La pilule dès 10 ans

n.c.

Vendredi 28 septembre 2007

Les premiers rapports sexuels ont lieu de plus en plus tôt. La protection aussi, y compris contre le papillomavirus, favorisant le cancer du col de l’utérus. Plus de cinquante fillettes ont reçu une prescription pour une pilule contraceptive l’an dernier.

D’après l’hebdo « De Huisarts », on a prescrit la pilule contraceptive à 57 jeunes filles de dix ans en 2006, tandis que près de 4.000 médecins, généralement des généralistes, l’ont prescrite à des jeunes filles âgées de 10 à 14 ans. L’hebdo pose la question de l’opportunité d’une prescription auprès de patientes aussi jeunes. L’idée selon laquelle l’accès à la contraception pourrait signifier la permission, au moins implicite, du passage à l’acte est en effet répandue. Mais rien ne l’accrédite.

« Outre les cas où la pilule est prescrite pour diminuer les douleurs des menstruations ou pour réguler un cycle parfois fort variable, la pilule peut être prescrite à juste titre aux jeunes filles qui envisagent la question de la sexualité très tôt. Mais cela ne veut pas dire qu’elles passent à l’acte. Au contraire. Mais elles sont rassurées sur leur autonomie à choisir quand et comment elles le feront », signale ce médecin d’un centre de planning. Un généraliste signale que, la contraception ayant été rendue gratuite jusqu’à 18 ans, il arrive qu’une grande sœur de 19 ans, qui n’y a plus droit, demande une prescription au nom de sa petite sœur… mais qu’elle utilise à son profit.

Il reste incontestable qu’études et enquêtes montrent que l’âge des premiers rapports est de plus en plus précoce. Quatorze ou quinze ans en moyenne. Mais une enquête des Femmes prévoyantes socialistes montre que 7 % des jeunes signalent avoir eu un rapport sexuel avant l’âge de 12 ans. Plus de 3.000 jeunes filles de 13 à 20 ans ont subi un avortement l’an passé ; ce chiffre est en croissance, contrairement à celui des femmes plus âgées.

Un deuxième vaccin

Une précocité qui déconcerte parents et institutions : la dernière enquête de l’Institut scientifique de santé publique, qui montre que 9 % des hommes et 5 % des femmes ont des comportements à risque face aux maladies sexuellement transmissibles (17 % des 15–24 ans sont dans ce cas), n’ont interrogé les jeunes sur leur comportement sexuel… qu’à partir de 15 ans, soit un an avant la majorité sexuelle légale.

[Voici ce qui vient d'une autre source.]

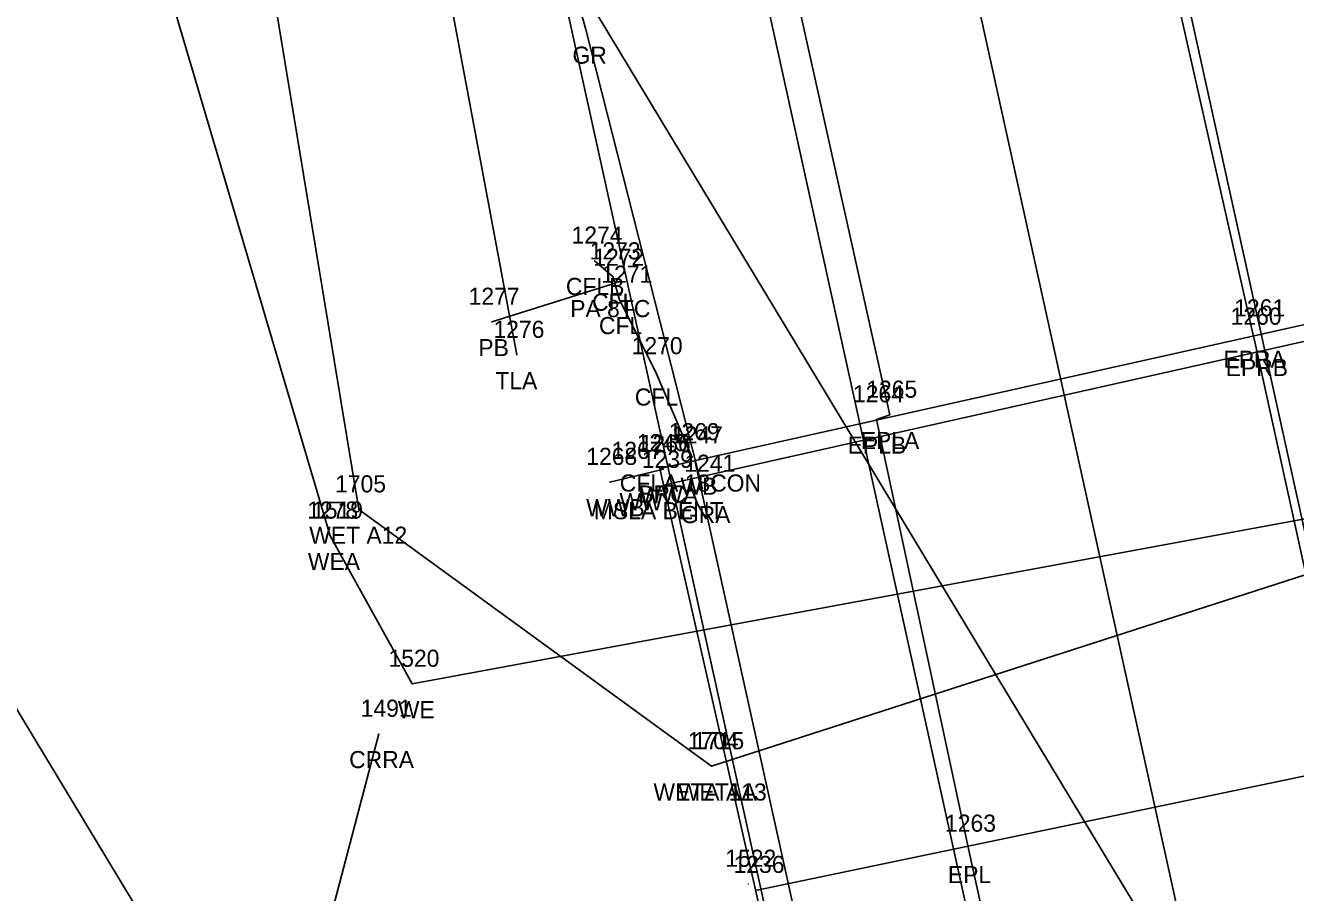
# Model space of a CAD drawing. Extents: x 2522090 to 2524658, y 882711 to 887512.
# Drawn here: x 2523721.1 to 2523795.3, y 885126.7 to 885177.3 of the extents above; entities that cross this region are included whole.
import ezdxf

# ---------------------------------------------------------------- set-up
doc = ezdxf.new("R2010")
doc.units = 0
for name, color, linetype in [('RD_EV_JurisArea', 7, 'Continuous'), ('RD_EX_BldgApp', 7, 'Continuous'), ('RD_EX_BldgApp_txCode', 7, 'Continuous'), ('RD_EX_Bridge', 7, 'Continuous'), ('RD_EX_Bridge_txCode', 7, 'Continuous'), ('RD_EX_Conc', 7, 'Continuous'), ('RD_EX_Conc_txCode', 7, 'Continuous'), ('RD_EX_DR_Pipe', 7, 'Continuous'), ('RD_EX_DR_Pipe_txCode', 7, 'Continuous'), ('RD_EX_GuardRail', 7, 'Continuous'), ('RD_EX_GuardRail_txCode', 7, 'Continuous'), ('RD_EX_H2O', 7, 'Continuous'), ('RD_EX_H2O_txCode', 7, 'Continuous'), ('RD_EX_H2O_WetLd_txCode', 7, 'Continuous'), ('RD_EX_Misc', 7, 'Continuous'), ('RD_EX_Misc_txCode', 7, 'Continuous'), ('RD_EX_Road', 7, 'Continuous'), ('RD_EX_Road_txCode', 7, 'Continuous'), ('RD_EX_VEG', 7, 'Continuous'), ('RD_EX_VEG_txCode', 7, 'Continuous'), ('RD_HC_Cl', 7, 'Continuous'), ('RD_PD_Bridge', 7, 'Continuous'), ('RD_PD_Final_TrvlWay', 7, 'Continuous'), ('RD_PD_PatLn6', 7, 'Continuous'), ('RD_SMD_Locator', 7, 'Continuous')]:
    doc.layers.add(name, color=color, linetype=linetype)

msp = doc.modelspace()

# ---------------------------------------------------------------- linework, layer by layer
at = {"layer": 'RD_EV_JurisArea'}
for points in [[(2523761.167, 885134.03), (2523740.577, 885149.032), (2523730.546, 885209.774), (2523710.597, 885357.475), (2523698.092, 885411.187), (2523674.928, 885498.624), (2523657.597, 885564.237), (2523640.817, 885610.871), (2523583.661, 885726.913), (2523539.208, 885693.17), (2523494.424, 885646.975)], [(2523761.167, 885134.03), (2523808.209, 885149.207), (2523821.914, 885178.637), (2523802.851, 885236.548), (2523777.81, 885305.562), (2523748.196, 885444.322), (2523730.68, 885516.876), (2523708.637, 885617.3), (2523698.714, 885662.019), (2523727.827, 885665.815), (2523757.297, 885671.751)]]:
    msp.add_lwpolyline(points, dxfattribs=at)
at = {"layer": 'RD_EX_BldgApp'}
msp.add_lwpolyline([(2523776.677, 885077.915), (2523768.273, 885115.309), (2523760.204, 885151.895)], dxfattribs=at)
at = {"layer": 'RD_EX_Bridge'}
for points in [[(2523774.906, 885077.596), (2523821.197, 885087.829), (2523805.064, 885161.895), (2523758.145, 885151.437), (2523774.906, 885077.596)], [(2523758.375, 885151.394), (2523756.702, 885150.987), (2523755.229, 885150.637)]]:
    msp.add_lwpolyline(points, dxfattribs=at)
at = {"layer": 'RD_EX_Conc'}
msp.add_lwpolyline([(2523760.043, 885152.079), (2523757.896, 885157.103), (2523755.804, 885161.278), (2523755.402, 885162.642), (2523754.345, 885163.563)], dxfattribs=at)
at = {"layer": 'RD_EX_DR_Pipe'}
msp.add_line((2523755.613, 885162.27), (2523748.335, 885159.99), dxfattribs=at)
at = {"layer": 'RD_EX_GuardRail'}
msp.add_lwpolyline([(2523760.648, 885150.236), (2523753.83, 885177.075), (2523749.161, 885193.784), (2523739.251, 885224.823)], dxfattribs=at)
at = {"layer": 'RD_EX_H2O'}
msp.add_line((2523738.909, 885147.498), (2523726.241, 885190.354), dxfattribs=at)
for points in [[(2523738.909, 885147.498), (2523743.695, 885138.843), (2523816.359, 885152.29), (2523822.427, 885163.299), (2523826.928, 885206.612)], [(2523741.751, 885135.924), (2523732.183, 885099.571), (2523664.897, 885060.261), (2523614.863, 885022.018), (2523558.95, 884972.63), (2523560.622, 884942.416), (2523490.005, 884911.763)]]:
    msp.add_lwpolyline(points, dxfattribs=at)
at = {"layer": 'RD_EX_Misc'}
for p, q in [((2523758.452, 885150.465), (2523805.656, 885161.063)), ((2523810.713, 885136.574), (2523763.829, 885126.803))]:
    msp.add_line(p, q, dxfattribs=at)
at = {"layer": 'RD_EX_Road'}
for p, q in [((2523792.777, 885159.311), (2523771.239, 885254.787)), ((2523771.576, 885154.562), (2523750.317, 885250.176)), ((2523792.894, 885158.826), (2523792.777, 885159.311)), ((2523798.302, 885134.145), (2523792.894, 885158.826)), ((2523770.798, 885154.293), (2523771.576, 885154.562)), ((2523776.178, 885129.21), (2523770.798, 885154.293)), ((2523781.516, 885104.768), (2523776.178, 885129.21))]:
    msp.add_line(p, q, dxfattribs=at)
at = {"layer": 'RD_EX_VEG'}
msp.add_lwpolyline([(2523749.808, 885158.06), (2523732.862, 885248.57), (2523691.618, 885438.948), (2523639.516, 885601.035)], dxfattribs=at)
at = {"layer": 'RD_HC_Cl'}
msp.add_line((2523641.165, 885794.201), (2524197.759, 883266.557), dxfattribs=at)
at = {"layer": 'RD_PD_Bridge'}
msp.add_lwpolyline([(2523748.471, 885197.618), (2523785.03, 885031.596)], dxfattribs=at)
at = {"layer": 'RD_PD_Final_TrvlWay'}
for p, q in [((2523722.39, 885481.141), (2524037.438, 884050.417)), ((2523698.951, 885475.979), (2524014, 884045.256))]:
    msp.add_line(p, q, dxfattribs=at)
at = {"layer": 'RD_PD_PatLn6'}
for p, q in [((2523748.348, 885188.144), (2523831.037, 885051.167)), ((2523705.543, 885162.303), (2523788.232, 885025.327))]:
    msp.add_line(p, q, dxfattribs=at)
at = {"layer": 'RD_SMD_Locator'}
for centre in [(2523753.83, 885177.075), (2523754.345, 885163.563), (2523755.402, 885162.642), (2523755.613, 885162.27), (2523755.804, 885161.278), (2523748.335, 885159.99), (2523792.777, 885159.311), (2523792.894, 885158.826), (2523749.808, 885158.06), (2523757.896, 885157.103), (2523770.798, 885154.293), (2523771.576, 885154.562), (2523760.043, 885152.079), (2523760.204, 885151.895), (2523758.145, 885151.437), (2523758.375, 885151.394), (2523755.229, 885150.637), (2523756.702, 885150.987), (2523758.452, 885150.465), (2523760.648, 885150.236), (2523740.577, 885149.032), (2523738.909, 885147.498), (2523738.909, 885147.498), (2523743.695, 885138.843), (2523741.751, 885135.924), (2523761.167, 885134.03), (2523761.167, 885134.03), (2523776.178, 885129.21), (2523763.322, 885127.16), (2523763.829, 885126.803)]:
    msp.add_circle(centre, 0.001, dxfattribs=at)

# ---------------------------------------------------------------- texts
at = {"layer": 'RD_EX_BldgApp_txCode'}
for s, p in [('1247', (2523758.857, 885152.895)), ('WB', (2523759.361, 885149.895)), ('1522', (2523761.976, 885128.16))]:
    msp.add_text(s, height=1, dxfattribs=at).set_placement(p)
at = {"layer": 'RD_EX_Bridge_txCode'}
for s, p in [('1245', (2523756.799, 885152.437)), ('1266', (2523756.981, 885152.394)), ('1268', (2523753.859, 885151.637)), ('1267', (2523755.332, 885151.987)), ('WWA', (2523756.981, 885149.394)), ('BRC', (2523756.893, 885149.437)), ('WWB', (2523753.851, 885148.637)), ('WW', (2523755.796, 885148.987))]:
    msp.add_text(s, height=1, dxfattribs=at).set_placement(p)
at = {"layer": 'RD_EX_Conc_txCode'}
for s, p in [('1274', (2523752.998, 885164.563)), ('1273', (2523754.056, 885163.642)), ('1271', (2523754.741, 885162.278)), ('CFLB', (2523752.668, 885161.563)), ('CFL', (2523754.197, 885160.642)), ('CFL', (2523754.599, 885159.278)), ('1270', (2523756.51, 885158.103)), ('CFL', (2523756.691, 885155.103)), ('1269', (2523758.673, 885153.079)), ('CFLA 18CON', (2523755.814, 885150.079))]:
    msp.add_text(s, height=1, dxfattribs=at).set_placement(p)
at = {"layer": 'RD_EX_DR_Pipe_txCode'}
for s, p in [('1272', (2523754.267, 885163.27)), ('1277', (2523746.988, 885160.99)), ('PA 8TC', (2523752.92, 885160.27)), ('PB', (2523747.555, 885157.99))]:
    msp.add_text(s, height=1, dxfattribs=at).set_placement(p)
at = {"layer": 'RD_EX_GuardRail_txCode'}
for s, p in [('GR', (2523753.051, 885175.075)), ('1241', (2523759.585, 885151.236)), ('GRA', (2523759.38, 885148.236))]:
    msp.add_text(s, height=1, dxfattribs=at).set_placement(p)
at = {"layer": 'RD_EX_H2O_txCode'}
for s, p in [('1278', (2523737.562, 885148.498)), ('1519', (2523737.846, 885148.498)), ('WEA', (2523737.602, 885145.498)), ('WEA', (2523737.602, 885145.498)), ('1520', (2523742.309, 885139.843)), ('1491', (2523740.688, 885136.924)), ('WE', (2523742.856, 885136.843)), ('CRRA', (2523740.011, 885133.924))]:
    msp.add_text(s, height=1, dxfattribs=at).set_placement(p)
at = {"layer": 'RD_EX_H2O_WetLd_txCode'}
for s, p in [('1705', (2523739.191, 885150.032)), ('WET A12', (2523737.679, 885147.032)), ('1704', (2523759.781, 885135.03)), ('1715', (2523760.104, 885135.03)), ('WETA A13', (2523757.781, 885132.03)), ('WET1A', (2523759.206, 885132.03))]:
    msp.add_text(s, height=1, dxfattribs=at).set_placement(p)
at = {"layer": 'RD_EX_Misc_txCode'}
for s, p in [('1239', (2523757.105, 885151.465)), ('MSLA BENT', (2523754.302, 885148.465)), ('1236', (2523762.459, 885127.803))]:
    msp.add_text(s, height=1, dxfattribs=at).set_placement(p)
at = {"layer": 'RD_EX_Road_txCode'}
for s, p in [('1260', (2523791.484, 885159.826)), ('1261', (2523791.691, 885160.311)), ('EPRA', (2523791.061, 885157.311)), ('EPRB', (2523791.193, 885156.826)), ('1264', (2523769.428, 885155.293)), ('1265', (2523770.206, 885155.562)), ('EPLA', (2523769.883, 885152.562)), ('EPLB', (2523769.121, 885152.293)), ('1263', (2523774.808, 885130.21)), ('EPL', (2523774.974, 885127.21))]:
    msp.add_text(s, height=1, dxfattribs=at).set_placement(p)
at = {"layer": 'RD_EX_VEG_txCode'}
for s, p in [('1276', (2523748.438, 885159.06)), ('TLA', (2523748.548, 885156.06))]:
    msp.add_text(s, height=1, dxfattribs=at).set_placement(p)

doc.saveas('drawing.dxf')

C’est dans le cadre de cette précocité que s’explique la récente décision du ministre fédéral de la Santé de rembourser à partir du 1er décembre le vaccin contre le cancer du col de l’utérus, ou plutôt contre le papillomavirus (HVP). Toutes les femmes qui développent le cancer du col sont effectivement porteuses de ce virus, qui affaiblit l’organisme et permet le développement du cancer, parfois des années plus tard. Heureusement, toutes les porteuses du virus ne développent pas le cancer (voir notre « Repères »). Le remboursement du vaccin, le Gardasil, représente 412,2 euros par patiente, qui ne paiera plus que 32 euros. Un deuxième vaccin, le Cervarix, devrait bientôt faire son apparition sur le marché, puisqu’il a été autorisé avant-hier sur le marché européen. La Communauté française a indiqué qu’elle entend suivre la récente recommandation du Conseil supérieur de la santé d’aller au-delà en proposant aux jeunes filles de 12 à 15 ans de se vacciner totalement gratuitement. Ce vaccin est en effet bien plus efficace quand il est administré avant le premier rapport sexuel. En choisissant cette tranche d’âge précoce, les pouvoirs publics espèrent dresser une barrière la plus étanche possible contre la maladie.

La ministre-présidente, suivant en cela la recommandation du Conseil supérieur, désirait passer par la médecine scolaire pour cela. Sa ministre de la Santé, Catherine Fonck, préférerait faire confiance aux généralistes, davantage proches des familles, pour administrer le vaccin, mais aussi pour l’expliquer aux parents qui s’étonneraient de la voir appliquée à des jeunes filles qui n’ont pas (encore) l’amour en tête.